3. Blank lines between CSV each rows¶

The first time I try parse OSM file and convert it into CSV file, I found the there are blanks between two data lines when I open it by Excel, and then I google this question, and found this answer.

4. Other links used¶

Element introduction: wiki

Other ideas about the data set¶

Suggestions¶

Suggestions on imporving the data set
- Phone format should be previously set: In the process of data viewing of this data set, I have noticed that the phone format is varied, even some of them are wrong. The format should be set as like "+86 010[hint: 8 number of the phone]".
- Node tags: In this dataset, node tags such as cuisine, name, amenity are written in either English or Chinese or pinying, this will be tough for me to clear three different kinds of data. The suggestion on this issue is add a hint while users putting the information and prompt them do not use pinying.

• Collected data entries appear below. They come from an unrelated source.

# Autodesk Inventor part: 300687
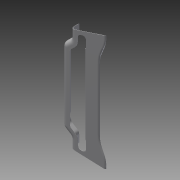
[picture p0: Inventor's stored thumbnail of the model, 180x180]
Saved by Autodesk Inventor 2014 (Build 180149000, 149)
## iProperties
Created: 2007-11
Part Number: 300687
Document SubType Name: Modeling
Designer: MM
Density: 7.85 g/cm^3
Mass: 235.532 g
Surface Area: 616.109 cm^2
Volume: 30.0041 cm^3
Material: Steel
Description: BACK TOP PLATE
Appearance: Steel
Component Category: Back Component
Author: MM
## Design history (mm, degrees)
sketch "Sketch1"
  geometry: L1 (0, 25.158)-(0, 0); L2 (105.616, 18.019)-(0, 0); L3 (0, 25.158)-(101.445, 42.466); L4 (101.445, 42.466)-(105.616, 18.019); L5 (0, 50.959)-(0, -8.493) reference; L6 (-21.123, 0)-(126.739, 0) reference; 1 further point
  constraints: 8 end point, 1 coincident, 1 collinear, 1 parallel, 1 perpendicular
  dimensions: "d1" = 80.3179 deg angle of L2 L1; "d2" = 24.79998 distance between parallel lines of L3 L2; "d4" = 102.91071 distance of L1.start L3.end (derived); "d15" = 18.01935 distance from line of L6 L2.start
extrude "Extrusion1" new body sketch "Sketch1" stored distance "d5" = 326; taper "d6" = 0 deg
sketch "Sketch2"
  geometry: L1 (-19.437, -118.02)-(0, -100.911); L2 (-19.437, -144.682)-(-19.437, -118.02); L3 (0, -163)-(0, 163) reference; L4 (-105.616, -163)-(0, -163); L5 (0, -163)-(0, -100.911); L6 (-105.616, -163)-(-105.616, 163) reference; L7 (-105.616, -163)-(-19.437, -144.682); 3 further points; 1 other entity
  constraints: 10 end point, 3 point on line, 1 horizontal, 2 other
  dimensions: "d7" = 19.43721 distance between parallel lines of L2 L3; "d8" = 118.01969 vertical distance of point (0, 0) L1.start; "d9" = 100.91084 distance of point (0, 0) L1.end; "d12" = 78 deg angle of L7 L2
extrude "Extrusion2" cut sketch "Sketch2" stored distance "d10" = 341; taper "d11" = 0 deg
mirror "Mirror1"
fillet "Fillet1" dims "d13" = 15, "d14" = 12
sketch "Sketch3"
  geometry: L1 (0, 0)-(0, 326) reference; L2 (-15.5, 60.5)-(-15.5, 265.5); L3 (0, 21)-(-15.5, 60.5); L4 (-15.5, 265.5)-(0, 305); L5 (-129.393, 163)-(26.362, 163) reference; 2 further points
  constraints: 6 end point, 3 point on line, 1 midpoint
  dimensions: "d16" = 15.5 distance between parallel lines of L1 L2; "d17" = 205 distance of L2.start L2.end; "d18" = 142 distance from line of L5 L3.start; "d19" = 142 distance from line of L4.end L5 (= d18)
extrude "Extrusion3" cut sketch "Sketch3" stored distance "d20" = 341; taper "d21" = 0 deg
fillet "Fillet2" dims "d22" = 90, "d23" = 5
shell "Shell1" dims "d24" = 1
sketch "Sketch4"
  geometry: L1 (88.492, 17.637)-(109.385, 21.201); L2 (109.385, 21.201)-(103.667, 54.717); L3 (103.667, 54.717)-(20.437, 40.517); L4 (85.24, 15.557)-(33.287, 6.694); L5 (20.437, 17.537)-(20.437, 40.517); L6 (19.437, 17.537)-(19.437, 28.475) reference; 2 further points
  constraints: 10 end point, 2 perpendicular, 3 other
  dimensions: "d26" = 34 distance of L1.end L2.end; "d34" = 99.6821 deg angle of L3 L5; "d36" = 40.51701 vertical distance of point (0, 0) L3.end; "d37" = 109.38541 horizontal distance of point (0, 0) L1.end; "d38" = 180 deg angle of L6 L5
extrude "Extrusion4" cut sketch "Sketch4" stored distance "d27" = 341; taper "d28" = 0 deg
sketch "Sketch11"
  geometry: L1 (19.458, 1.504)-(3.622, 1.504) reference; L2 (0, 0)-(15.837, 0) reference; L3 (0, 0)-(0, 1.504); L4 (19.458, 1.504)-(0, 1.504); 1 further point
  constraints: 4 end point, 1 collinear, 1 perpendicular, 1 other
sketch "Sketch12"
  geometry: L1 (-65.362, 311.946)-(-49.825, 318.756) reference; L2 (-50.648, 317.303)-(-65.152, 310.946) reference; 2 further points
  constraints: 4 other
sweep "Sweep2" sketch "Sketch11", "Sketch12" dims "d39" = 0
mirror "Mirror3"
sketch "Sketch13"
  geometry: C1 r 11.5 at (179.131, 18.975); C2 r 11.5 at (9.131, 18.975); 1 further point
  constraints: 2 centre point
  dimensions: "d40" = 23 diameter of C2; "d41" = 23 diameter of C1; "d42" = 33.19614 vertical distance of C2.centre point (94.131, -14.221); "d43" = 170 distance of C1.centre C2.centre; "d44" = 85 horizontal distance of point (94.131, -14.221) C1.centre; "d45" = 33.19614 vertical distance of C1.centre point (94.131, -14.221)
extrude "Extrusion7" cut sketch "Sketch13" distance "d46" = 5; taper "d47" = 0 deg
sketch "Sketch14"
  geometry: L1 (87.921, 256.083)-(19.718, 241.793) reference; L2 (19.718, 218.931)-(19.718, 241.793) reference; L3 (1.033, 190.514)-(10.425, 198.663) reference; L4 (0, 0)-(0, 188.262) reference; L5 (10.425, -10.402)-(1.033, -2.252) reference; L6 (19.718, -53.531)-(19.718, -30.669) reference; L7 (19.718, -53.531)-(87.921, -67.821) reference; L8 (5, 0.925)-(13.702, -6.625); L9 (24.718, -30.669)-(24.718, -44.361); L10 (24.718, -44.361)-(45, -48.611); L11 (5, 0.925)-(5, 187.336); L12 (45, 236.873)-(24.718, 232.623); L13 (24.718, 232.623)-(24.718, 218.931); L14 (13.702, 194.887)-(5, 187.336); L15 (45, -48.611)-(45, 236.873); 1 further point
  constraints: 16 end point, 4 parallel, 8 other
  dimensions: "d48" = 5 distance between parallel lines of L5 L8; "d49" = 5 distance between parallel lines of L4 L11 (= d48); "d50" = 5 distance between parallel lines of L3 L14 (= d48); "d51" = 40 distance between parallel lines of L15 L11; "d52" = 5 distance between parallel lines of L2 L13 (= d48); "d53" = 5 distance between parallel lines of L6 L9 (= d48); "d54" = 10 distance between parallel lines of L7 L10; "d55" = 10 distance between parallel lines of L1 L12 (= d54)
extrude "Extrusion8" cut sketch "Sketch14" distance "d56" = 1; taper "d57" = 0 deg
fillet "Fillet3" dims "d58" = 8
sketch "Sketch16"
  geometry: L1 (54.341, 52.267)-(54.341, 9.271); L2 (1, 25.329)-(1, 14.221) reference; L3 (13.85, 3.377)-(18.779, 4.218) reference; L4 (18.779, 4.218)-(18.947, 3.233) reference; L5 (18.947, 3.233)-(14.018, 2.392) reference; L6 (0, 14.221)-(0, 25.158) reference; L7 (0, 25.158)-(1, 25.329) reference; L8 (88.492, 17.637)-(89.579, 17.822) reference; L9 (85.408, 14.572)-(58.377, 9.96) reference; L10 (58.377, 9.96)-(58.209, 10.946) reference; L11 (58.209, 10.946)-(85.24, 15.557) reference; L12 (58.209, 10.946)-(55.341, 10.456); L13 (58.377, 9.96)-(54.341, 9.271); L14 (55.341, 10.456)-(55.341, 52.438); L15 (58.209, 10.946)-(58.377, 9.96); L16 (55.341, 52.438)-(54.341, 52.267); 1 further point
  constraints: 12 end point, 3 parallel, 1 collinear, 1 perpendicular, 4 other
  dimensions: "d60" = 1 distance between parallel lines of L14 L1; "d61" = 42.99584 distance of L1.start L1.end
extrude "Extrusion9" join sketch "Sketch16" stored distance "d62" = 220; taper "d63" = 0 deg
fillet "Fillet4" dims "d64" = 2.25
fillet "Fillet5" dims "d65" = 3.25
fillet "Fillet6" dims "d66" = 2.25
sketch "Sketch17"
  geometry: L1 (220, 0)-(0, 0) reference; L2 (0, 0)-(0, -39.144) reference; L3 (155, -20)-(65, -20); L4 (65, -20)-(41.165, 0); L5 (155, -20)-(178.835, 0); L6 (110, -20)-(110, 0); L7 (220, -39.144)-(220, 0) reference; L8 (178.835, 0)-(184.794, 5); L9 (184.794, 5)-(35.206, 5); L10 (41.165, 0)-(35.206, 5); 1 further point
  constraints: 14 end point, 3 perpendicular, 2 collinear, 2 midpoint, 2 point on line
  dimensions: "d67" = 20 distance between parallel lines of L1 L3; "d68" = 40 deg angle of L5 L3; "d69" = 40 deg angle of L4 L3; "d70" = 90 distance of L3.start L3.end; "d73" = 5 distance between parallel lines of L9 L1
extrude "Extrusion10" cut sketch "Sketch17" distance "d71" = 1; taper "d72" = 0 deg
fillet "Fillet7" dims "d74" = 12
sketch "Sketch18"
  geometry: L1 (36.594, 39.144)-(12, 39.144) reference; L2 (195, 23.066)-(25, 23.066); C1 r 9 at (195, 23.066); C2 r 9 at (25, 23.066); 1 further point
  constraints: 2 centre point, 2 end point, 1 parallel
  dimensions: "d77" = 36.18824 distance from line of point (110, -13.123) L2; "d78" = 169.99945 distance of L2.start L2.end; "d79" = 84.99973 horizontal distance of point (110, -13.123) L2.end; "d80" = 18 diameter of C2; "d81" = 18 diameter of C1 (= d80)
extrude "Extrusion11" cut sketch "Sketch18" distance "d75" = 1; taper "d76" = 0 deg
sketch "Sketch19"
  geometry: L1 (36.594, 39.144)-(12, 39.144) reference; L2 (163.5, 18.511)-(56.5, 18.511); L3 (110, 52.58)-(110, -24.073) reference; 1 further point
  constraints: 2 end point, 1 parallel
  dimensions: "d82" = 107 distance of L2.start L2.end; "d83" = 53.5 distance from line of L3 L2.start (= 0.5 x d82); "d84" = 31.63328 distance from line of point (110, -13.123) L2
hole "Hole1" sketch "Sketch19" at (163.5, 18.511), (56.5, 18.511) diameter "d85" = 6; stored, may be unused: countersink angle "d89" = 90 deg, drill point angle "d91" = 118 deg; dims "d86" = 6, "d87" = 4, "d88" = 2, "d90" = 8
body "Solid1"
node "Project Cut Edges3"

Suggstions on analysing this data set
- Lots of information could be analyzed by using map data, such as some statistical analysis like how many cuisines and hotels here in Beijing, we can also try to visualized those information on the map.
- Check the integrity of the map data by using other map data.

pros and cons¶

Phone format should be previously set:
- pros: most of phones will be in uniform format.
- cons: no cons
- expections: phone formats will not as dirty as the data in this dataset.
node tags
- pros: no pinying presents in the data
- cons: some people will encounter the situation of unknowing the chinese characters, if that, they will give a wrong character.
- expection: English can be easily translated to Chinese, so this part will be easy to deal with
visualize the information on the map
- pros: More interesting insights can be found by visualing the info.(such as cuision, school and hotels, etc.) on the map, by this.
- cons: if the map is not complete, it will convey wrong info. to us

Conclusions¶

By those project, I found the main problem of this beijing openstreetmap is its disunity. One way or node could be described by English, Chinese or pinying, apparently this would increase the difficulty of data cleaning process. Another problem is phone format which is various in this case, but for me I am not interesting about the phone, that is why I did not do much work on this.

Back to the whole process:
The key procedures are following:

Parse the xml file and save the data to a dictionary, the data clean process occurs in this part, the function is shape_element()
Transfer data in dictionary to csv files
Save csv files to sql by pandas to_sql modules

Last but not least, have faith in yourself, I originally should submit this project long time ago, but I thought it is too difficult for me to solve, so I started to learn other course and leaving this course no the half way. After finishing most of course of udacity, I return back to conquer this course. But now I solve this problems and clean the data from xml file and then save the data to database successfully, I also can make it!